Problem description:
The task calls for each line of the records below in which the word "geometry" appears.

Exercise input:

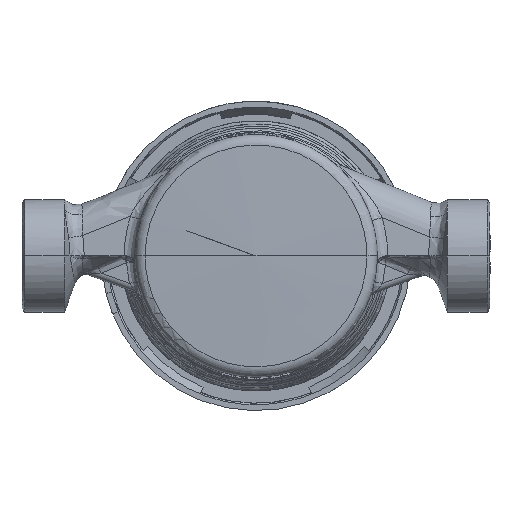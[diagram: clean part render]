
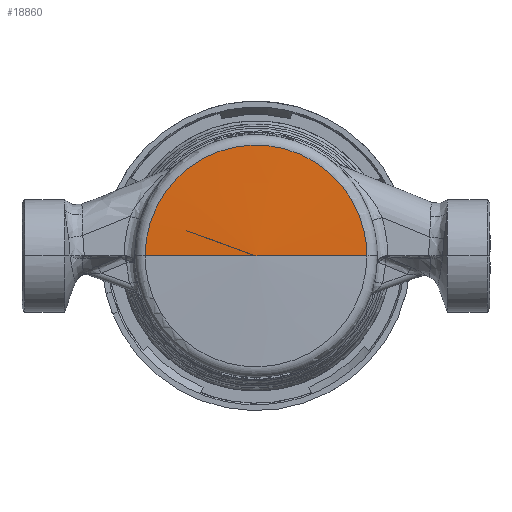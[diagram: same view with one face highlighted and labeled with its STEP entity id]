
A CAD part, front view. The second image highlights one B-rep face of the part: STEP entity #18860.
In plain terms, the highlighted conical face has half-angle 88.5 degrees and reference radius 38188.5 mm.
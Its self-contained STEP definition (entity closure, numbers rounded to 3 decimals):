
#913 = CARTESIAN_POINT ( 'NONE',  ( 8.399, -0.014, 24.734 ) ) ;
#1150 = CARTESIAN_POINT ( 'NONE',  ( 20.725, -0.014, 15.9 ) ) ;
#2750 = CARTESIAN_POINT ( 'NONE',  ( 0., -0.696, 0. ) ) ;
#6267 = CARTESIAN_POINT ( 'NONE',  ( -17.377, -0.241, 0. ) ) ;
#6985 = EDGE_CURVE ( 'NONE', #12668, #26409, #30523, .T. ) ;
#7918 = CARTESIAN_POINT ( 'NONE',  ( -25.897, -0.014, 3.412 ) ) ;
#8590 = CARTESIAN_POINT ( 'NONE',  ( -1.706, -0.014, 26.065 ) ) ;
#8745 = CARTESIAN_POINT ( 'NONE',  ( 0., 999.304, 0. ) ) ;
#9482 = VERTEX_POINT ( 'NONE', #26669 ) ;
#10923 = B_SPLINE_CURVE_WITH_KNOTS ( 'NONE', 3,
 ( #27941, #13772, #38372, #39303 ),
 .UNSPECIFIED., .F., .F.,
 ( 4, 4 ),
 ( 0., 1. ),
 .UNSPECIFIED. ) ;
#11387 = CARTESIAN_POINT ( 'NONE',  ( 1.706, -0.014, 26.065 ) ) ;
#11612 = CARTESIAN_POINT ( 'NONE',  ( 23.428, -0.014, 11.551 ) ) ;
#11838 = CARTESIAN_POINT ( 'NONE',  ( -20.725, -0.014, 15.9 ) ) ;
#12668 = VERTEX_POINT ( 'NONE', #21746 ) ;
#13772 = CARTESIAN_POINT ( 'NONE',  ( 8.688, -0.469, 0. ) ) ;
#14885 = CARTESIAN_POINT ( 'NONE',  ( -19.637, -0.014, 17.225 ) ) ;
#15121 = CARTESIAN_POINT ( 'NONE',  ( 17.225, -0.014, 19.637 ) ) ;
#15217 = ORIENTED_EDGE ( 'NONE', *, *, #6985, .T. ) ;
#15344 = CARTESIAN_POINT ( 'NONE',  ( 26.065, -0.014, 1.706 ) ) ;
#16039 = EDGE_LOOP ( 'NONE', ( #19227, #25555, #15217 ) ) ;
#18374 = CARTESIAN_POINT ( 'NONE',  ( -26.065, -0.014, 1.706 ) ) ;
#18604 = CARTESIAN_POINT ( 'NONE',  ( -17.225, -0.014, 19.637 ) ) ;
#18860 = ADVANCED_FACE ( 'NONE', ( #41234 ), #30334, .T. ) ;
#19061 = CARTESIAN_POINT ( 'NONE',  ( -23.428, -0.014, 11.551 ) ) ;
#19227 = ORIENTED_EDGE ( 'NONE', *, *, #29685, .T. ) ;
#21746 = CARTESIAN_POINT ( 'NONE',  ( -26.065, -0.014, 0. ) ) ;
#22095 = CARTESIAN_POINT ( 'NONE',  ( -8.399, -0.014, 24.734 ) ) ;
#22323 = CARTESIAN_POINT ( 'NONE',  ( 3.412, -0.014, 25.897 ) ) ;
#22559 = CARTESIAN_POINT ( 'NONE',  ( -3.412, -0.014, 25.897 ) ) ;
#22787 = CARTESIAN_POINT ( 'NONE',  ( -13.063, -0.014, 22.62 ) ) ;
#23093 = EDGE_CURVE ( 'NONE', #12668, #9482, #30329, .T. ) ;
#23160 = DIRECTION ( 'NONE',  ( -1., 0., 0. ) ) ;
#25555 = ORIENTED_EDGE ( 'NONE', *, *, #23093, .F. ) ;
#25783 = CARTESIAN_POINT ( 'NONE',  ( 25.232, -0.014, 6.758 ) ) ;
#26242 = CARTESIAN_POINT ( 'NONE',  ( -24.734, -0.014, 8.399 ) ) ;
#26409 = VERTEX_POINT ( 'NONE', #36025 ) ;
#26669 = CARTESIAN_POINT ( 'NONE',  ( 26.065, -0.014, 0. ) ) ;
#26939 = CARTESIAN_POINT ( 'NONE',  ( -8.688, -0.469, 0. ) ) ;
#27377 = AXIS2_PLACEMENT_3D ( 'NONE', #8745, #30325, #23160 ) ;
#27941 = CARTESIAN_POINT ( 'NONE',  ( 0., -0.696, 0. ) ) ;
#29022 = CARTESIAN_POINT ( 'NONE',  ( -11.551, -0.014, 23.428 ) ) ;
#29256 = CARTESIAN_POINT ( 'NONE',  ( 22.62, -0.014, 13.063 ) ) ;
#29478 = CARTESIAN_POINT ( 'NONE',  ( 26.065, -0.014, 0. ) ) ;
#29685 = EDGE_CURVE ( 'NONE', #26409, #9482, #10923, .T. ) ;
#30325 = DIRECTION ( 'NONE',  ( 0., 1., 0. ) ) ;
#30329 = B_SPLINE_CURVE_WITH_KNOTS ( 'NONE', 3,
 ( #36227, #18374, #7918, #40182, #26242, #19061, #43187, #11838, #14885, #18604, #36694, #22787, #29022, #22095, #36924, #22559, #8590, #11387, #22323, #32727, #913, #36458, #43423, #43886, #15121, #32496, #1150, #29256, #11612, #33188, #25783, #39935, #15344, #29478 ),
 .UNSPECIFIED., .F., .F.,
 ( 4, 2, 2, 2, 2, 2, 2, 2, 2, 2, 2, 2, 2, 2, 2, 2, 4 ),
 ( 0., 0.062, 0.125, 0.187, 0.25, 0.312, 0.375, 0.437, 0.5, 0.562, 0.625, 0.687, 0.75, 0.812, 0.875, 0.937, 1. ),
 .UNSPECIFIED. ) ;
#30334 = CONICAL_SURFACE ( 'NONE', #27377, 38188.459, 1.545 ) ;
#30523 = B_SPLINE_CURVE_WITH_KNOTS ( 'NONE', 3,
 ( #45499, #6267, #26939, #2750 ),
 .UNSPECIFIED., .F., .F.,
 ( 4, 4 ),
 ( 0., 1. ),
 .UNSPECIFIED. ) ;
#32496 = CARTESIAN_POINT ( 'NONE',  ( 19.637, -0.014, 17.225 ) ) ;
#32727 = CARTESIAN_POINT ( 'NONE',  ( 6.758, -0.014, 25.232 ) ) ;
#33188 = CARTESIAN_POINT ( 'NONE',  ( 24.734, -0.014, 8.399 ) ) ;
#36025 = CARTESIAN_POINT ( 'NONE',  ( 0., -0.696, 0. ) ) ;
#36227 = CARTESIAN_POINT ( 'NONE',  ( -26.065, -0.014, 0. ) ) ;
#36458 = CARTESIAN_POINT ( 'NONE',  ( 11.551, -0.014, 23.428 ) ) ;
#36694 = CARTESIAN_POINT ( 'NONE',  ( -15.9, -0.014, 20.725 ) ) ;
#36924 = CARTESIAN_POINT ( 'NONE',  ( -6.758, -0.014, 25.232 ) ) ;
#38372 = CARTESIAN_POINT ( 'NONE',  ( 17.377, -0.241, 0. ) ) ;
#39303 = CARTESIAN_POINT ( 'NONE',  ( 26.065, -0.014, 0. ) ) ;
#39935 = CARTESIAN_POINT ( 'NONE',  ( 25.897, -0.014, 3.412 ) ) ;
#40182 = CARTESIAN_POINT ( 'NONE',  ( -25.232, -0.014, 6.758 ) ) ;
#41234 = FACE_OUTER_BOUND ( 'NONE', #16039, .T. ) ;
#43187 = CARTESIAN_POINT ( 'NONE',  ( -22.62, -0.014, 13.063 ) ) ;
#43423 = CARTESIAN_POINT ( 'NONE',  ( 13.063, -0.014, 22.62 ) ) ;
#43886 = CARTESIAN_POINT ( 'NONE',  ( 15.9, -0.014, 20.725 ) ) ;
#45499 = CARTESIAN_POINT ( 'NONE',  ( -26.065, -0.014, 0. ) ) ;
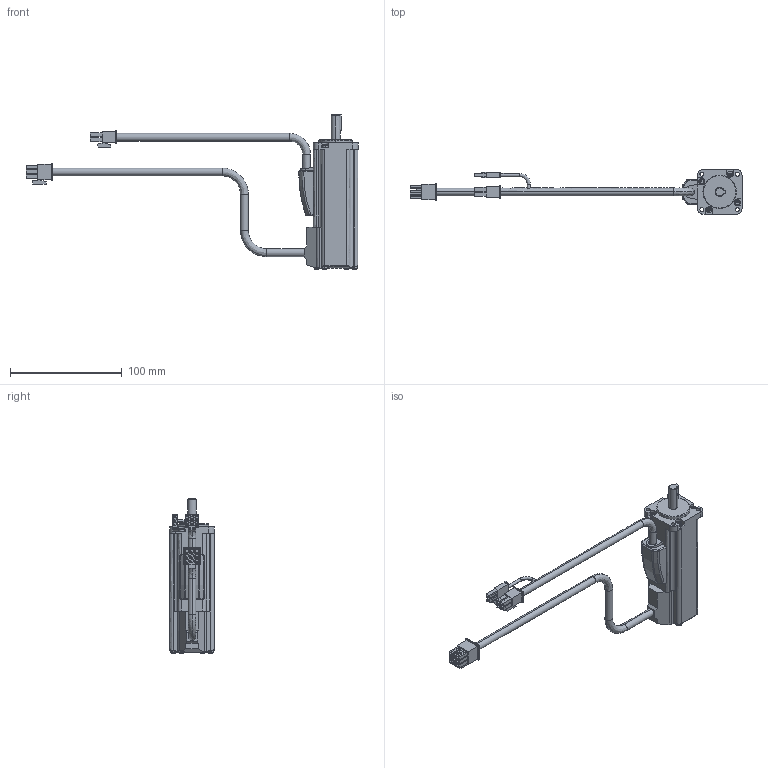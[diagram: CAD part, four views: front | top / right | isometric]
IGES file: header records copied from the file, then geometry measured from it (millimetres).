
Start section:  PTC IGES file: 10001021_rsmz-a5bq-bh_brake.igs
Global section: file name: 10001021_rsmz-a5bq-bh_brake.igs; native system: Pro/ENGINEER by Parametric Technology Corporation; preprocessor: 2004440; author: Administrator; organization: Unknown; date: 070829.201642; units: millimetre
Bounding box: 297.7 x 40 x 138.1 mm (x, y, z)
Volume: 195663.4 mm3; surface area: 39866.4 mm2
Topology: 1 solids, 1 shells, 505 faces, 1272 edges, 824 vertices
Faces by surface type: bspline 365, revolution 140
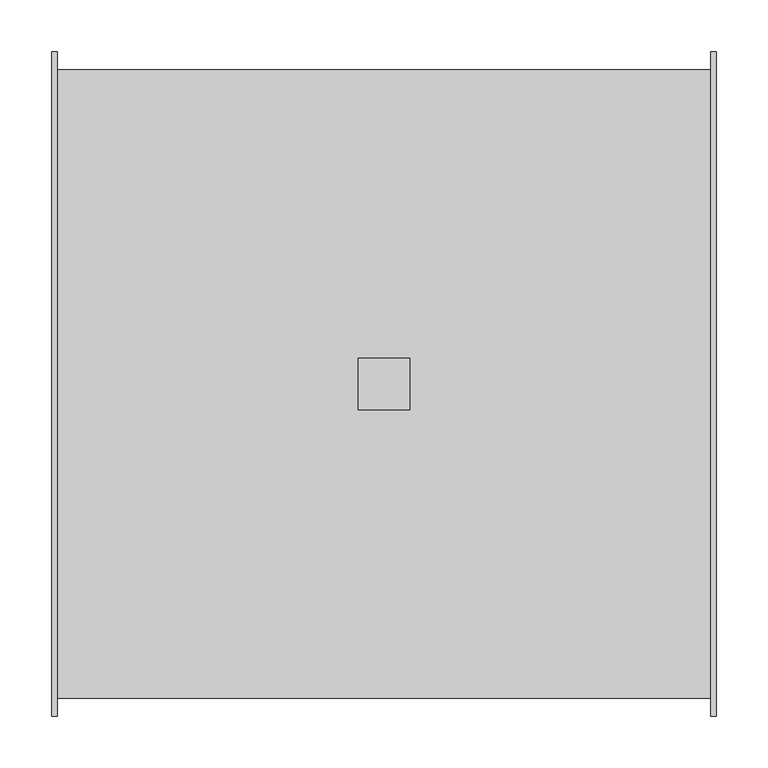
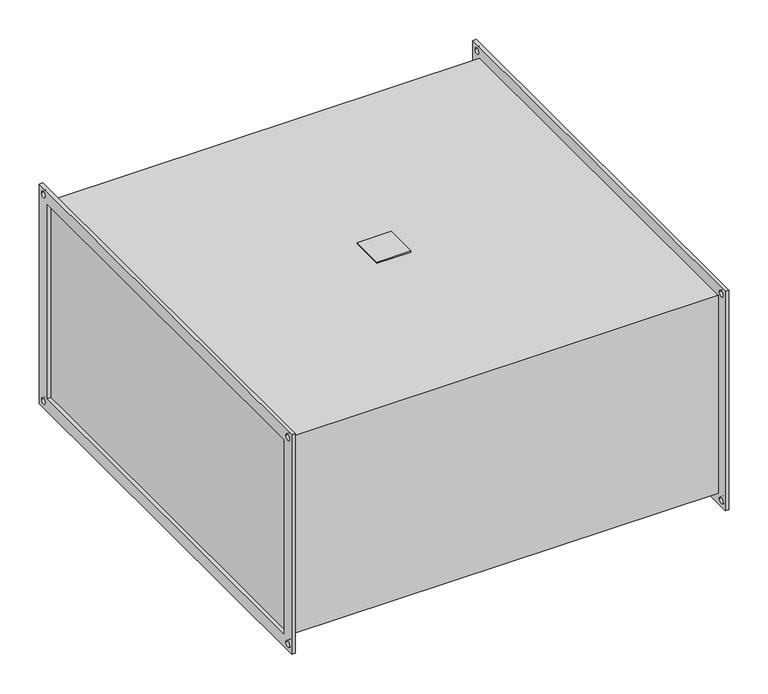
"""IFC4 building model written with IfcOpenShell, lengths in millimetres: damper geometry, KORF_Фильтр_Карманный_FKR : FKR 60-30  EU5."""

from ifc_helpers import new_model, si_unit, point, frame, frame_2d, origin, place, context, project, spatial, polyline, circle_curve, trimmed, segment, composite_curve, outline, extrude, source, transform, mapped, element, save


def damper_7db6d74d(model_context):
    return source(origin(), model_context, "Body", "SweptSolid", [
        extrude(outline(polyline([(345.0, 25.0), (345.0, -25.0), (295.0, -25.0), (295.0, 25.0), (345.0, 25.0)])), frame((0.0, 0.0, 153.0), z_axis=(0.0, 0.0, 1.0), x_axis=(1.0, 0.0, 0.0)), (0.0, 0.0, 1.0), 2.0),
        extrude(outline(polyline([(-320.0, 170.0), (320.0, 170.0), (320.0, -170.0), (-320.0, -170.0), (-320.0, 170.0)]), holes=[polyline([(-300.0, 150.0), (-300.0, -150.0), (300.0, -150.0), (300.0, 150.0), (-300.0, 150.0)]), composite_curve([segment(trimmed(circle_curve(frame_2d((310.0, 160.0)), 4.5), [point((305.5, 160.0))], [point((314.5, 160.0))], True, "CARTESIAN"), True, "CONTINUOUS"), segment(trimmed(circle_curve(frame_2d((310.0, 160.0)), 4.5), [point((314.5, 160.0))], [point((305.5, 160.0))], True, "CARTESIAN"), True, "CONTINUOUS")], self_intersect=False), composite_curve([segment(trimmed(circle_curve(frame_2d((-310.0, 160.0)), 4.5), [point((-314.5, 160.0))], [point((-305.5, 160.0))], True, "CARTESIAN"), True, "CONTINUOUS"), segment(trimmed(circle_curve(frame_2d((-310.0, 160.0)), 4.5), [point((-305.5, 160.0))], [point((-314.5, 160.0))], True, "CARTESIAN"), True, "CONTINUOUS")], self_intersect=False), composite_curve([segment(trimmed(circle_curve(frame_2d((-310.0, -160.0)), 4.5), [point((-314.5, -160.0))], [point((-305.5, -160.0))], True, "CARTESIAN"), True, "CONTINUOUS"), segment(trimmed(circle_curve(frame_2d((-310.0, -160.0)), 4.5), [point((-305.5, -160.0))], [point((-314.5, -160.0))], True, "CARTESIAN"), True, "CONTINUOUS")], self_intersect=False), composite_curve([segment(trimmed(circle_curve(frame_2d((310.0, -160.0)), 4.5), [point((305.5, -160.0))], [point((314.5, -160.0))], True, "CARTESIAN"), True, "CONTINUOUS"), segment(trimmed(circle_curve(frame_2d((310.0, -160.0)), 4.5), [point((314.5, -160.0))], [point((305.5, -160.0))], True, "CARTESIAN"), True, "CONTINUOUS")], self_intersect=False)]), frame((635.0, 0.0, 0.0), z_axis=(1.0, 0.0, 0.0), x_axis=(0.0, 1.0, 0.0)), (0.0, 0.0, 1.0), 5.0),
        extrude(outline(polyline([(-320.0, 170.0), (320.0, 170.0), (320.0, -170.0), (-320.0, -170.0), (-320.0, 170.0)]), holes=[polyline([(-300.0, 150.0), (-300.0, -150.0), (300.0, -150.0), (300.0, 150.0), (-300.0, 150.0)]), composite_curve([segment(trimmed(circle_curve(frame_2d((310.0, 160.0)), 4.5), [point((305.5, 160.0))], [point((314.5, 160.0))], True, "CARTESIAN"), True, "CONTINUOUS"), segment(trimmed(circle_curve(frame_2d((310.0, 160.0)), 4.5), [point((314.5, 160.0))], [point((305.5, 160.0))], True, "CARTESIAN"), True, "CONTINUOUS")], self_intersect=False), composite_curve([segment(trimmed(circle_curve(frame_2d((-310.0, 160.0)), 4.5), [point((-314.5, 160.0))], [point((-305.5, 160.0))], True, "CARTESIAN"), True, "CONTINUOUS"), segment(trimmed(circle_curve(frame_2d((-310.0, 160.0)), 4.5), [point((-305.5, 160.0))], [point((-314.5, 160.0))], True, "CARTESIAN"), True, "CONTINUOUS")], self_intersect=False), composite_curve([segment(trimmed(circle_curve(frame_2d((-310.0, -160.0)), 4.5), [point((-314.5, -160.0))], [point((-305.5, -160.0))], True, "CARTESIAN"), True, "CONTINUOUS"), segment(trimmed(circle_curve(frame_2d((-310.0, -160.0)), 4.5), [point((-305.5, -160.0))], [point((-314.5, -160.0))], True, "CARTESIAN"), True, "CONTINUOUS")], self_intersect=False), composite_curve([segment(trimmed(circle_curve(frame_2d((310.0, -160.0)), 4.5), [point((305.5, -160.0))], [point((314.5, -160.0))], True, "CARTESIAN"), True, "CONTINUOUS"), segment(trimmed(circle_curve(frame_2d((310.0, -160.0)), 4.5), [point((314.5, -160.0))], [point((305.5, -160.0))], True, "CARTESIAN"), True, "CONTINUOUS")], self_intersect=False)]), frame((0.0, 0.0, 0.0), z_axis=(1.0, 0.0, 0.0), x_axis=(0.0, 1.0, 0.0)), (0.0, 0.0, 1.0), 5.0),
        extrude(outline(polyline([(635.0, 303.0), (635.0, -303.0), (5.0, -303.0), (5.0, 303.0), (635.0, 303.0)])), frame((0.0, 0.0, -153.0), z_axis=(0.0, 0.0, 1.0), x_axis=(1.0, 0.0, 0.0)), (0.0, 0.0, 1.0), 306.0),
    ])


if __name__ == "__main__":
    model = new_model("IFC4")
    model_context = context("Model", 3, world=origin())
    ifc_project = project(units=[si_unit("LENGTHUNIT", "METRE", prefix="MILLI")], contexts=[model_context])
    site = spatial("IfcSite", under=ifc_project)
    building = spatial("IfcBuilding", under=site)
    placement = place(None, origin())
    damper_shape = damper_7db6d74d(model_context)
    element("IfcDamper", 1, ObjectType="KORF_Фильтр_Карманный_FKR : FKR 60-30  EU5", at=placement, inside=building, context=model_context, shape_type="MappedRepresentation", body=[
        mapped(damper_shape, transform((0.0, 0.0, 0.0), x_axis=(1.0, 0.0, 0.0), y_axis=(0.0, 1.0, 0.0), z_axis=(0.0, 0.0, 1.0))),
    ])
    save(model, "model.ifc")

Your response:
IGES file: header records copied from the file, then geometry measured from it (millimetres).
"""IFC4 building model written with IfcOpenShell, lengths in millimetres: damper geometry, KORF_Фильтр_Карманный_FKR : FKR 60-30  EU5."""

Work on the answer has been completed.